The real Frank Sheeran, on whose life the character is based, was a ranking official in the teamsters’ union who became involved with the Italian mob as a hitman in the 1950s, hence the subtitle, “I Heard You Paint Houses” (a hitman paints the walls of houses red — get it?). The film follows Frank in his interactions with the political movements of his day, through and after his engagement with the mob, and finally into his nursing home as he approaches the end of his life.
The title of the film describes not only the nickname given the real-life Frank Sheeran by the Italian mob, but also the man’s central preoccupation, another Irishman named Jimmy Hoffa (president of the International Brotherhood of Teamsters from 1957 to 1971). Very early on in the film, Frank (who is already a member of the teamsters’ union) meets and begins to work for Jimmy, and the two men form what becomes a very close bond. When, eventually, Jimmy tells Frank he thinks Frank should be president of his own local teamsters’ union, Frank accepts. “I don’t know what to say,” he tells Jimmy, which in the standard machismo of the men in this movie means, “thank you so much, I’m honored.” As their careers continue, however, it soon becomes clear that Frank cannot be allied to both the mob and Jimmy. He must choose. “It is what it is,” Russell tells Frank — the bottom line. This choice is the central choice of the piece because it actually is a magnification of all the choices Frank makes throughout the film, and the idea of the choice becomes the film’s central thesis: we are, possibly at every moment, confronted with the choice of self-preservation or self-sacrifice. Life is no simple game, and this is no simple choice. Jimmy, it is mentioned early on in the film, disappears, and Frank’s choice — me or him — is central to that disappearance. In the three-and-a-half-hour film, this choice occurs about two-and-a-half hours in, which puts it prominently at the peak of the rise and fall of Frank Sheeran. Following Jimmy’s disappearance, the film moves quickly. Soon, Frank has served his jail time for connection with the mob, has buried a wife and many friends (including Russell Bufalino), and has been checked into a nursing home.

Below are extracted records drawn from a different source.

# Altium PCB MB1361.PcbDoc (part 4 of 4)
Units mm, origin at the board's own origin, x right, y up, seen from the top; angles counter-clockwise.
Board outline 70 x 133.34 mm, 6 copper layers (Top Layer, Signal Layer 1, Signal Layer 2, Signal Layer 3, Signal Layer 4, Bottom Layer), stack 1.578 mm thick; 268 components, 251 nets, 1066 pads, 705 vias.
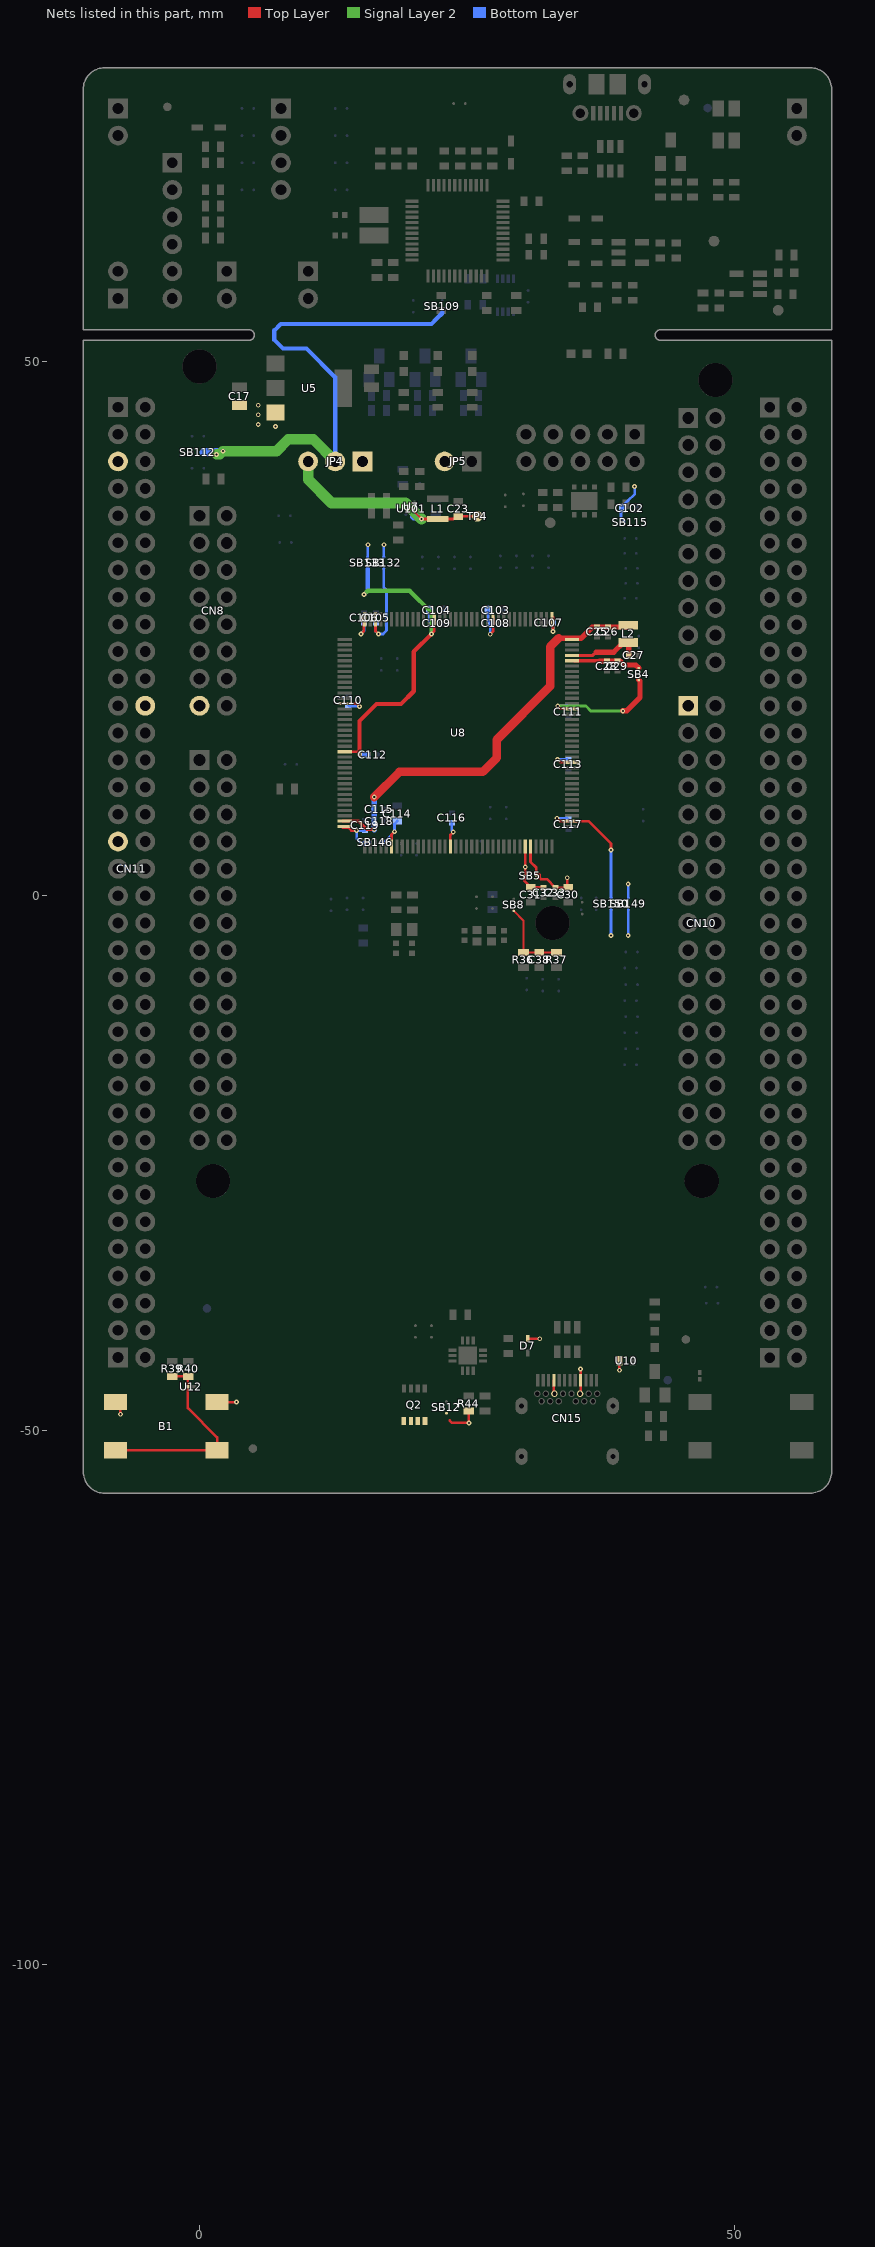
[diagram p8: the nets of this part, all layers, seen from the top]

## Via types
v1: diameter 0.45, hole 0.2, Top Layer to Bottom Layer, tented both sides, 705 vias

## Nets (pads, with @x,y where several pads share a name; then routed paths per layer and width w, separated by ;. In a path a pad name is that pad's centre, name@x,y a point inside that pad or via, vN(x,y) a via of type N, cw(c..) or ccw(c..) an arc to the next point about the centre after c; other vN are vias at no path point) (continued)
USER_BUTTON: B1.3 B1.4 R39.2 R40.2 U12.1 | length 19
  Top Layer w0.25: B1.3@-7.849,-51.856 B1.4@1.651,-51.856 1.651,-50.651 -1.087,-47.913 -1.087,-45.9 -1.087,-44.987 R40.2@-1.05,-44.95 -2.537,-44.95 R39.2@-2.54,-44.947
V15_COUT: C25.2 C26.2 C115.2 C118.2 L2.1 U8.72 U8.143 | length 39.9
  Top Layer w0.3: U8.143@13.392,6.99 U8.143@13.592,6.99 14.91,6.99 15.7,6.2 v1(16.35,6.2)
  Top Layer w0.5: 33.59,24.09 35.69,24.09 36.75,25.15 C25.2@37.2,25.15 C26.2@38.2,25.15 40,25.15 L2.1@40.1,25.25
  Top Layer w0.8: v1(16.35,9.25) 18.7,11.6 26.5,11.6 27.8,12.9 27.8,14.6 32.8,19.6 32.8,23.3 33.59,24.09
  Bottom Layer w0.5: v1(16.35,6.2) C118.2@16.35,7 C115.2@16.35,8.1 v1(16.35,9.25)
VBAT: C114.2 CN11.33 SB146.2 U8.6 | length 4.5
  Top Layer w0.25: U8.6@17.967,4.44 17.967,5.738 v1(18.234,6.005)
  Bottom Layer w0.127: SB146.2@17,5 17.3,5
  Bottom Layer w0.2: 17.3,5 17.3,5.071 v1(18.234,6.005)
  Bottom Layer w0.25: v1(18.234,6.005) 18.234,6.734 C114.2@18.5,7
VBUS_SENSE: C38.2 R36.2 R37.1 SB8.2 | length 7.4
  Top Layer w0.2: SB8.2@29.4,-1.4 30.3,-2.3 R36.2@30.3,-5.3 C38.2@31.8,-5.3 R37.1@33.4,-5.3
VBUSc: CN15.A4 CN15.A9 CN15.B4 CN15.B9 D7.1 Q2.5 Q2.6 Q2.7 Q2.8 R44.2 SB12.2 U10.1 | length 8.6
  Top Layer w0.25: 23.4,-49.075 23.625,-49.3 v1(25.2,-49.3) R44.2@25.2,-48.2 ; D7.1@30.7,-41.425 v1(31.825,-41.425) ; CN15.A4@33.15,-45.32 33.15,-46.52 CN15.B9@33.2,-46.57 ; CN15.B4@35.6,-46.57 35.65,-46.52 CN15.A9@35.65,-45.32 v1(35.65,-44.25) ; v1(39.275,-44.375) U10.1@39.275,-43.5
VDD: CN11.5 JP4.1 JP5.2 SB132.1 SB133.1 SB149.1 | length 3.6
  Bottom Layer w0.25: SB133.1@15.75,31.7 v1(15.75,32.85) ; SB132.1@17.25,31.7 v1(17.25,32.85) ; SB149.1@40.1,-0.2 v1(40.1,1.1)
VDD_MCU: B1.1 B1.2 C103.2 C106.2 C107.2 C108.2 C110.2 C111.2 C113.2 C116.2 C117.2 C119.2 JP4.2 SB4.1 SB109.2 SB112.1 SB146.1 SB150.1 U8.17 U8.38 U8.49 U8.59 U8.73 U8.84 U8.108 U8.121 U8.144 | length 96.2
  Top Layer w0.25: B1.1@-7.849,-47.356 -7.4,-47.805 v1(-7.4,-48.5) ; B1.2@1.651,-47.356 v1(3.446,-47.356) ; U8.144@13.392,6.39 13.927,6.39 14.217,6.1 v1(14.7,6.1) ; U8.121@13.392,17.99 U8.121@13.592,17.99 14.69,17.99 v1(14.957,17.723) ; v1(15.1,24.5) 15.367,24.767 U8.108@15.367,26.065 ; U8.17@23.467,4.415 U8.17@23.467,4.615 23.467,5.713 v1(23.734,5.98) ; v1(27.2,24.475) 27.467,24.742 U8.84@27.467,26.04 ; v1(33.067,24.733) U8.73@33.067,26.065 ; v1(33.452,7.257) 33.719,6.99 U8.38@35.017,6.99 ; v1(33.492,12.757) 33.759,12.49 U8.49@35.057,12.49 ; v1(33.517,17.757) 33.784,17.49 U8.59@34.842,17.49 U8.59@35.082,17.49 ; U8.38@35.042,6.99 36.41,6.99 38.5,4.9 v1(38.5,4.3)
  Top Layer w0.5: v1(39.6,17.3) 39.951,17.3 41.202,18.551 41.202,20.098 SB4.1@41.1,20.2
  Signal Layer 2 w0.25: v1(33.517,17.757) 36.143,17.757 36.6,17.3 v1(39.6,17.3)
  Signal Layer 2 w1: v1(1.6,41.3) 1.9,41.3 v1(2.2,41.6) 7.2,41.6 8.3,42.7 10.64,42.7 JP4.2@12.7,40.64
  Bottom Layer w0.25: C110.2@13.9,17.85 14.027,17.723 v1(14.957,17.723) ; v1(15.1,24.5) 15.4,24.8 C106.2@15.4,25.55 ; C119.2@15.5,6.15 15.45,6.1 v1(14.7,6.1) 14.7,5.357 15.057,5 SB146.1@15.9,5 ; C116.2@23.6,6.85 23.6,6.114 v1(23.734,5.98) ; C103.2@27,26.7 27,25.75 C108.2@27.25,25.5 27.2,25.45 v1(27.2,24.475) ; v1(33.067,24.733) 33.067,25.524 C107.2@33.098,25.555 ; v1(33.452,7.257) 34.393,7.257 C117.2@34.5,7.15 ; v1(33.492,12.757) 34.393,12.757 C113.2@34.5,12.65 ; v1(33.517,17.757) 34.393,17.757 C111.2@34.5,17.65 ; SB150.1@38.5,-0.2 v1(38.5,4.3)
  Bottom Layer w0.4: JP4.2@12.7,40.64 12.7,48.5 10,51.2 7.8,51.2 7,52 7,52.9 7.6,53.5 21.7,53.5 22.2,54 22.7,54.5 SB109.2@22.7,54.6
  Bottom Layer w0.8: SB112.1@0.4,41.5 v1@2.1,41.5
VDD_SMPS_1V8: C23.2 JP4.3 L1.2 TP4.1 U7.E3 U101.C2 | length 21.5
  Top Layer w0.152: L1.2@22.097,35.357 22.145,35.405 L1.2@22.181,35.44
  Top Layer w0.2: U7.E3@20.124,35.9 v1(20.774,35.25)
  Top Layer w0.25: v1(20.774,35.25) L1.2@22.3,35.25 23.75,35.25 24,35.5 C23.2@24.2,35.5 TP4.1@26,35.5
  Signal Layer 2 w1: JP4.3@10.16,40.64 10.16,38.94 12.352,36.748 19.276,36.748 v1(20.774,35.25)
  Bottom Layer w0.25: U101.C2@19.8,35.7 19.8,35.425 19.975,35.25 v1(20.774,35.25)
VDD_USB: C105.2 SB132.2 U8.106 | length 9.6
  Top Layer w0.25: U8.106@16.467,26.065 U8.106@16.467,25.865 16.467,24.767 v1(16.734,24.5)
  Bottom Layer w0.25: C105.2@16.5,25.55 16.5,24.734 v1(16.734,24.5) 17.181,24.5 17.5,24.819 17.5,28.6 17.25,28.85 SB132.2@17.25,30.6
VDDA: C30.1 C33.2 CN10.1 SB5.1 SB149.2 SB150.2 U8.32 | length 11.9
  Top Layer w0.25: U8.32@30.967,4.415 30.967,3.172 31.5,2.639 SB5.1@31.5,1.9 ; 31.8,2 31.8,1.7 31.937,1.562 32.487,1.562 C33.2@33.3,0.75 34.45,0.75 C30.1@34.5,0.8 34.4,0.9 v1(34.4,1.7)
  Bottom Layer w0.25: v1(38.5,-3.7) SB150.2@38.5,-1.3 ; v1(40.1,-3.7) SB149.2@40.1,-1.3
VDDIO: C104.2 C109.2 C112.2 SB133.2 U8.95 U8.130 | length 33.6
  Top Layer w0.25: U8.130@13.392,13.49 U8.130@13.592,13.49 14.957,13.49 ; v1(21.7,24.5) 21.967,24.767 U8.95@21.967,25.865 U8.95@21.967,26.065
  Top Layer w0.4: v1(14.957,13.223) 14.957,13.49 14.957,16.357 16.554,17.954 18.854,17.954 20.046,19.146 20.046,22.846 v1(21.7,24.5)
  Signal Layer 2 w0.4: v1(15.4,28.2) 15.744,28.544 19.656,28.544 21.7,26.5 v1(21.7,24.5)
  Bottom Layer w0.25: C104.2@21.5,26.7 21.5,25.75 C109.2@21.75,25.5 21.7,25.45 v1(21.7,24.5)
  Bottom Layer w0.4: v1(14.957,13.223) 15.727,13.223 C112.2@15.75,13.2 ; v1(15.4,28.2) 15.75,28.55 SB133.2@15.75,30.6
VDDSMPS_CIN: C28.2 C29.2 SB4.2 U8.68 | length 6.3
  Top Layer w0.3: U8.68@35.042,21.99 35.042,21.992 37.45,21.992
  Top Layer w0.5: 37.45,21.95 C28.2@38.1,21.95 C29.2@39.1,21.95 39.335,21.95 39.685,21.6 40.8,21.6 SB4.2@41.1,21.3
VIN: C17.2 CN8.15 CN11.24 U5.3
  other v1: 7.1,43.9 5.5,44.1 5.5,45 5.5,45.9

The Irishman is indicative of something beyond the man: it’s an identity. How do we identify, and where can we find a sense of identity? It is surely in something greater than ourselves, something we can really give ourselves to. But when that identity is based on a material world, and when that material world comes crumbling down around us, what will we be left with? Clawing in the dark, searching for meaning — will we feel empty? A wasted life? Frank, near the end of the film, defends his actions to one of his daughters by claiming that he was looking out for his family. He tells her he only wanted to protect them. In this scene, Frank’s daughter claims he couldn’t protect them in any real way, because his protection just amounted to “crazy” violence. What kind of protection could he really have offered? For all Frank’s protection-mindedness, for all the rolling up of sleeves and “dealing with it,” he has missed the point. The protection of his family was about preservation of self, preservation of identity. It is a defense against the world, not an engagement with it. What his family really needed was not his fists, but his open palms, palms that even in the end remain calloused over.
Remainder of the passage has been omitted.